Report every line of the data that includes "SchDoc".

Exercise data:

--

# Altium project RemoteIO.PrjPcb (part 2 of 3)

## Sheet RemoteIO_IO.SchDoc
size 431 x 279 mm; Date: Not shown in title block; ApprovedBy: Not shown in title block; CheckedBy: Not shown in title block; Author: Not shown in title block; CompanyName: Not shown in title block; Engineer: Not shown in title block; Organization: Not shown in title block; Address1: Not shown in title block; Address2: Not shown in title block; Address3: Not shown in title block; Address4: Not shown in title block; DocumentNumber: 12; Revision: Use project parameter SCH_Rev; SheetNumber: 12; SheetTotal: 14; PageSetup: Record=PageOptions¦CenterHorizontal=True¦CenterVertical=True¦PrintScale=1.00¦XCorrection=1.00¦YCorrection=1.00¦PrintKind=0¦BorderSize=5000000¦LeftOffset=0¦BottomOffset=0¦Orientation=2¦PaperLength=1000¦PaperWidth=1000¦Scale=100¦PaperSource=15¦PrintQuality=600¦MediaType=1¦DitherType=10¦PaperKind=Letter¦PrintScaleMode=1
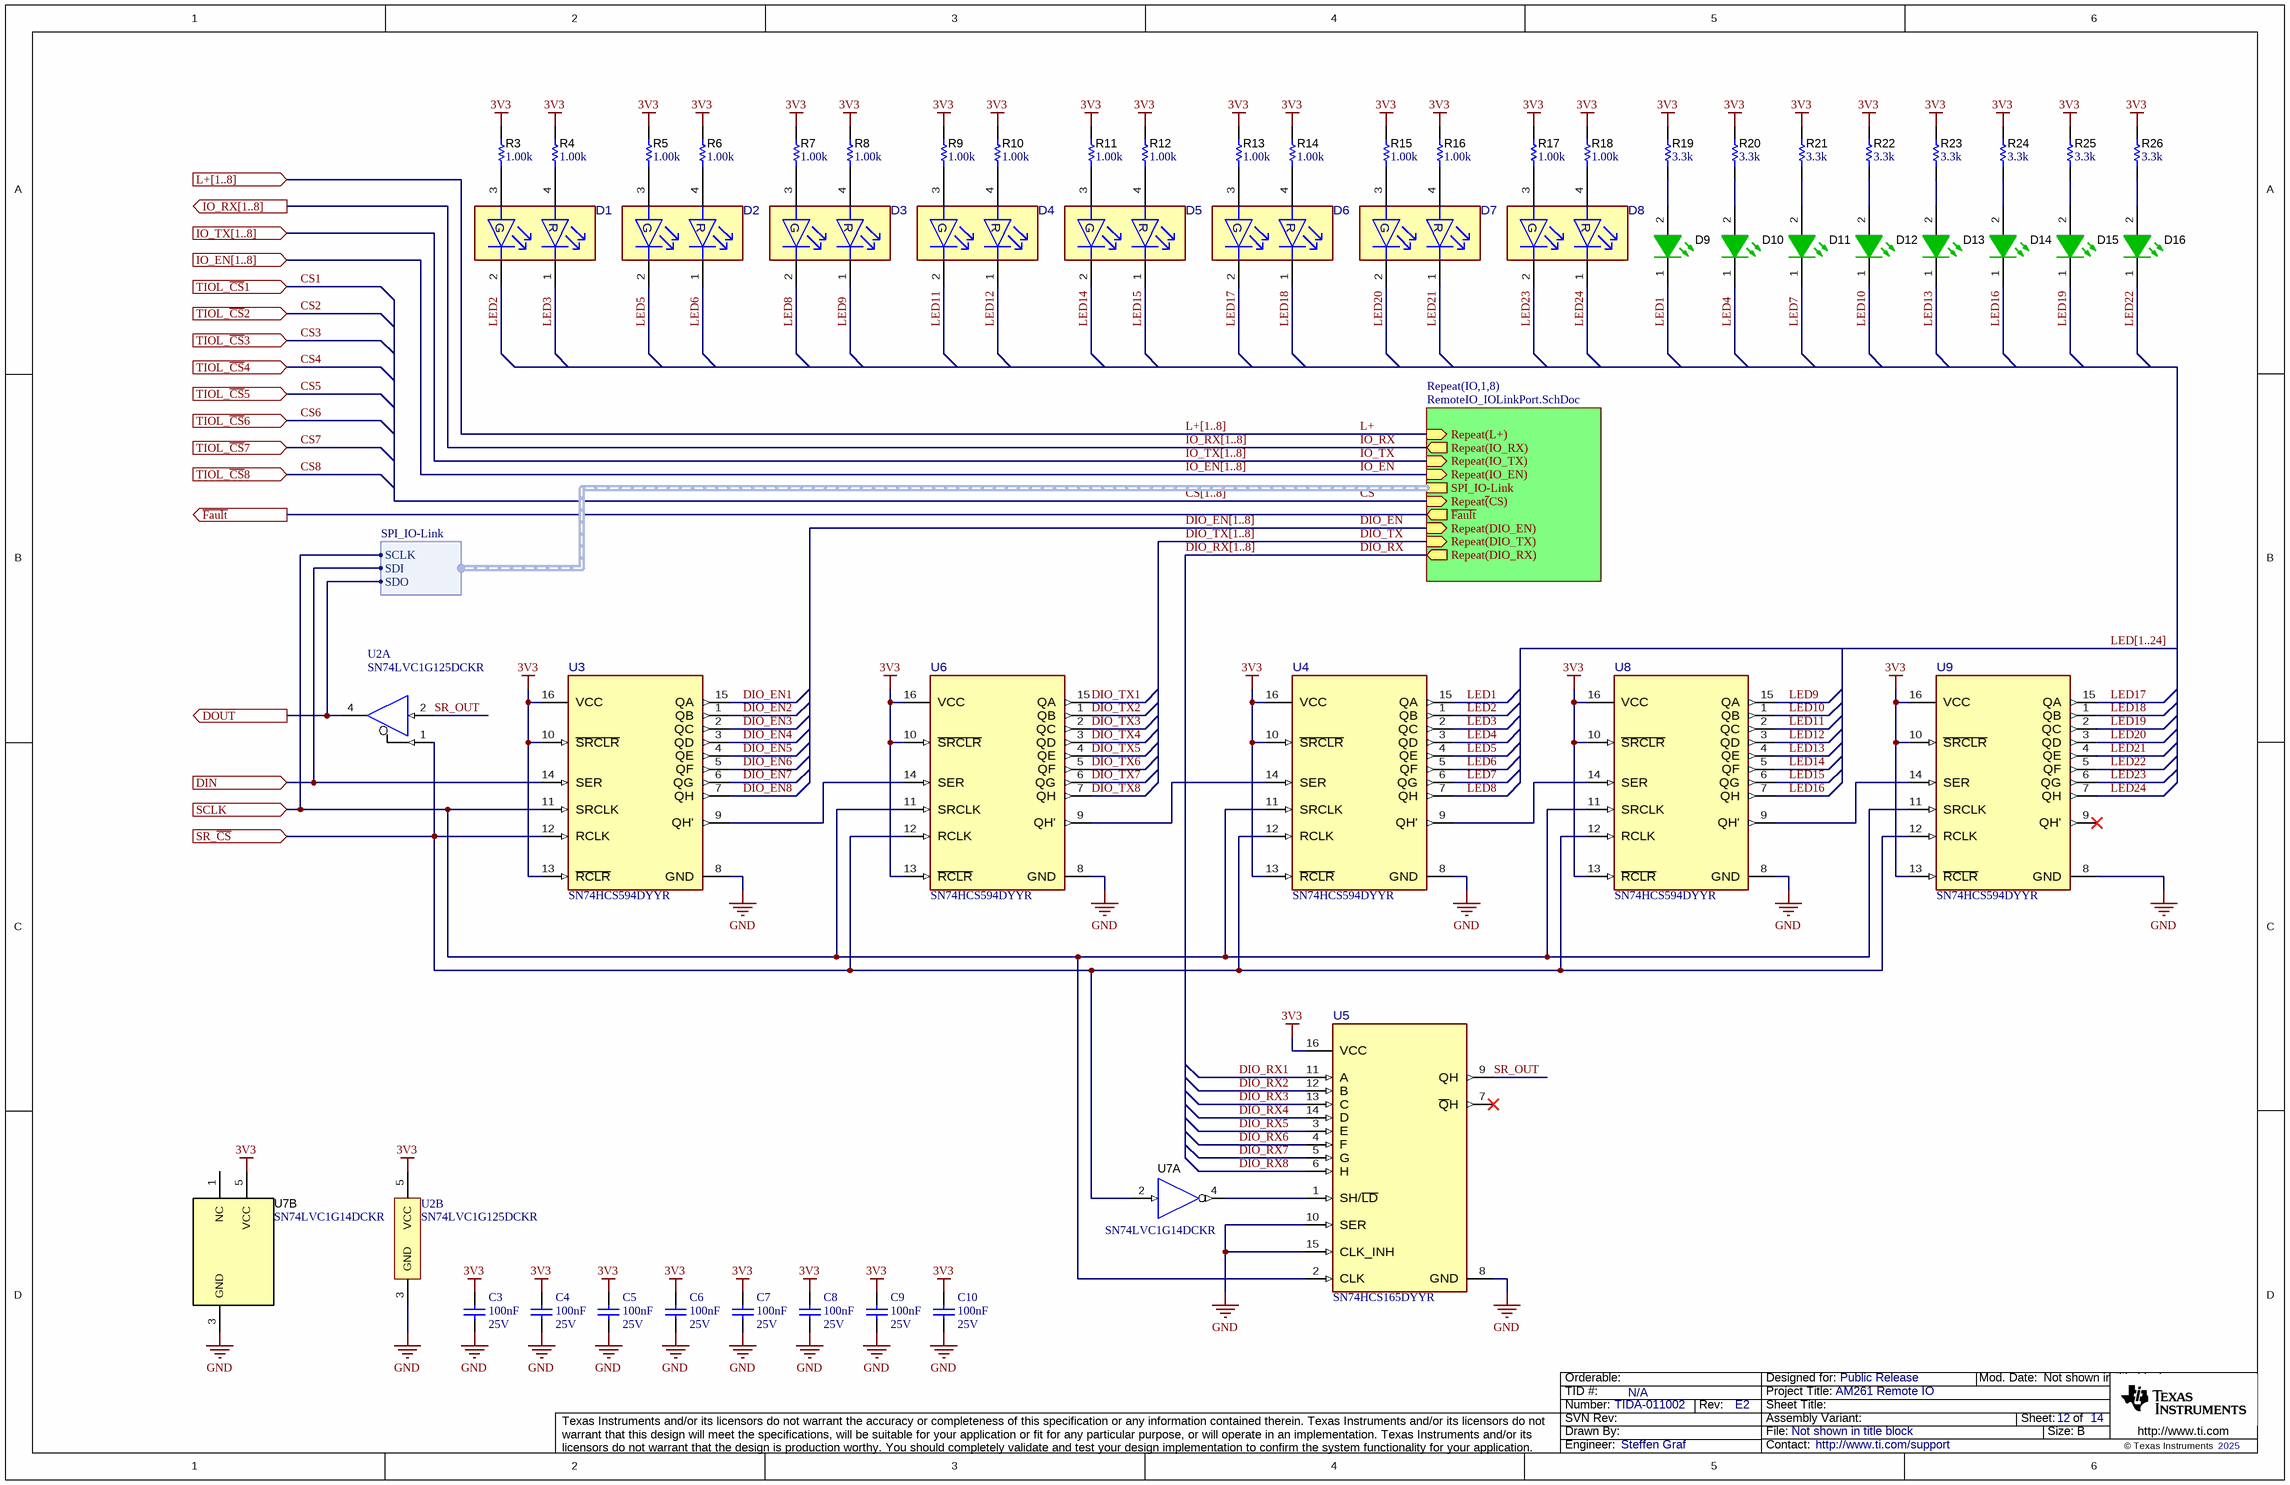
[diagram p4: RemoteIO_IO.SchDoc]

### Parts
C3  Cap_F: 100nF  Rated Voltage (DC): 25V  [WCAP-CSGP_0402_L1W0.5H0.5]  (hidden comment: 885012105018)
C4  Cap_F: 100nF  Rated Voltage (DC): 25V  [WCAP-CSGP_0402_L1W0.5H0.5]  (hidden comment: 885012105018)
C5  Cap_F: 100nF  Rated Voltage (DC): 25V  [WCAP-CSGP_0402_L1W0.5H0.5]  (hidden comment: 885012105018)
C6  Cap_F: 100nF  Rated Voltage (DC): 25V  [WCAP-CSGP_0402_L1W0.5H0.5]  (hidden comment: 885012105018)
C7  Cap_F: 100nF  Rated Voltage (DC): 25V  [WCAP-CSGP_0402_L1W0.5H0.5]  (hidden comment: 885012105018)
C8  Cap_F: 100nF  Rated Voltage (DC): 25V  [WCAP-CSGP_0402_L1W0.5H0.5]  (hidden comment: 885012105018)
C9  Cap_F: 100nF  Rated Voltage (DC): 25V  [WCAP-CSGP_0402_L1W0.5H0.5]  (hidden comment: 885012105018)
C10  Cap_F: 100nF  Rated Voltage (DC): 25V  [WCAP-CSGP_0402_L1W0.5H0.5]  (hidden comment: 885012105018)
D1  150066RG74000  [FP-150066RG74000_0606-MFG]  (value not drawn)
D2  150066RG74000  [FP-150066RG74000_0606-MFG]  (value not drawn)
D3  150066RG74000  [FP-150066RG74000_0606-MFG]  (value not drawn)
D4  150066RG74000  [FP-150066RG74000_0606-MFG]  (value not drawn)
D5  150066RG74000  [FP-150066RG74000_0606-MFG]  (value not drawn)
D6  150066RG74000  [FP-150066RG74000_0606-MFG]  (value not drawn)
D7  150066RG74000  [FP-150066RG74000_0606-MFG]  (value not drawn)
D8  150066RG74000  [FP-150066RG74000_0606-MFG]  (value not drawn)
D9  150040GS73240  [WL-SMCC_0402_Green]  (value not drawn)
D10  150040GS73240  [WL-SMCC_0402_Green]  (value not drawn)
D11  150040GS73240  [WL-SMCC_0402_Green]  (value not drawn)
D12  150040GS73240  [WL-SMCC_0402_Green]  (value not drawn)
D13  150040GS73240  [WL-SMCC_0402_Green]  (value not drawn)
D14  150040GS73240  [WL-SMCC_0402_Green]  (value not drawn)
D15  150040GS73240  [WL-SMCC_0402_Green]  (value not drawn)
D16  150040GS73240  [WL-SMCC_0402_Green]  (value not drawn)
R3  ValueDisplayed: 1.00k  [0402]  (hidden comment: CRCW04021K00FKED)
R4  ValueDisplayed: 1.00k  [0402]  (hidden comment: CRCW04021K00FKED)
R5  ValueDisplayed: 1.00k  [0402]  (hidden comment: CRCW04021K00FKED)
R6  ValueDisplayed: 1.00k  [0402]  (hidden comment: CRCW04021K00FKED)
R7  ValueDisplayed: 1.00k  [0402]  (hidden comment: CRCW04021K00FKED)
R8  ValueDisplayed: 1.00k  [0402]  (hidden comment: CRCW04021K00FKED)
R9  ValueDisplayed: 1.00k  [0402]  (hidden comment: CRCW04021K00FKED)
R10  ValueDisplayed: 1.00k  [0402]  (hidden comment: CRCW04021K00FKED)
R11  ValueDisplayed: 1.00k  [0402]  (hidden comment: CRCW04021K00FKED)
R12  ValueDisplayed: 1.00k  [0402]  (hidden comment: CRCW04021K00FKED)
R13  ValueDisplayed: 1.00k  [0402]  (hidden comment: CRCW04021K00FKED)
R14  ValueDisplayed: 1.00k  [0402]  (hidden comment: CRCW04021K00FKED)
R15  ValueDisplayed: 1.00k  [0402]  (hidden comment: CRCW04021K00FKED)
R16  ValueDisplayed: 1.00k  [0402]  (hidden comment: CRCW04021K00FKED)
R17  ValueDisplayed: 1.00k  [0402]  (hidden comment: CRCW04021K00FKED)
R18  ValueDisplayed: 1.00k  [0402]  (hidden comment: CRCW04021K00FKED)
R19  ValueDisplayed: 3.3k  [0402]  (hidden comment: CRCW04023K30JNED)
R20  ValueDisplayed: 3.3k  [0402]  (hidden comment: CRCW04023K30JNED)
R21  ValueDisplayed: 3.3k  [0402]  (hidden comment: CRCW04023K30JNED)
R22  ValueDisplayed: 3.3k  [0402]  (hidden comment: CRCW04023K30JNED)
R23  ValueDisplayed: 3.3k  [0402]  (hidden comment: CRCW04023K30JNED)
R24  ValueDisplayed: 3.3k  [0402]  (hidden comment: CRCW04023K30JNED)
R25  ValueDisplayed: 3.3k  [0402]  (hidden comment: CRCW04023K30JNED)
R26  ValueDisplayed: 3.3k  [0402]  (hidden comment: CRCW04023K30JNED)
U2  SN74LVC1G125DCKR  [DCK0005A_N]  (parts A,B of 2)
U3  SN74HCS594DYYR  [DYY0016A-MFG]
U4  SN74HCS594DYYR  [DYY0016A-MFG]
U5  SN74HCS165DYYR  [DYY0016A-MFG]
U6  SN74HCS594DYYR  [DYY0016A-MFG]
U7  SN74LVC1G14DCKR  [DCK0005A_N]  (parts A,B of 2)
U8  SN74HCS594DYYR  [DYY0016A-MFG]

--

Response:
## Sheet RemoteIO_IO.SchDoc
[diagram p4: RemoteIO_IO.SchDoc]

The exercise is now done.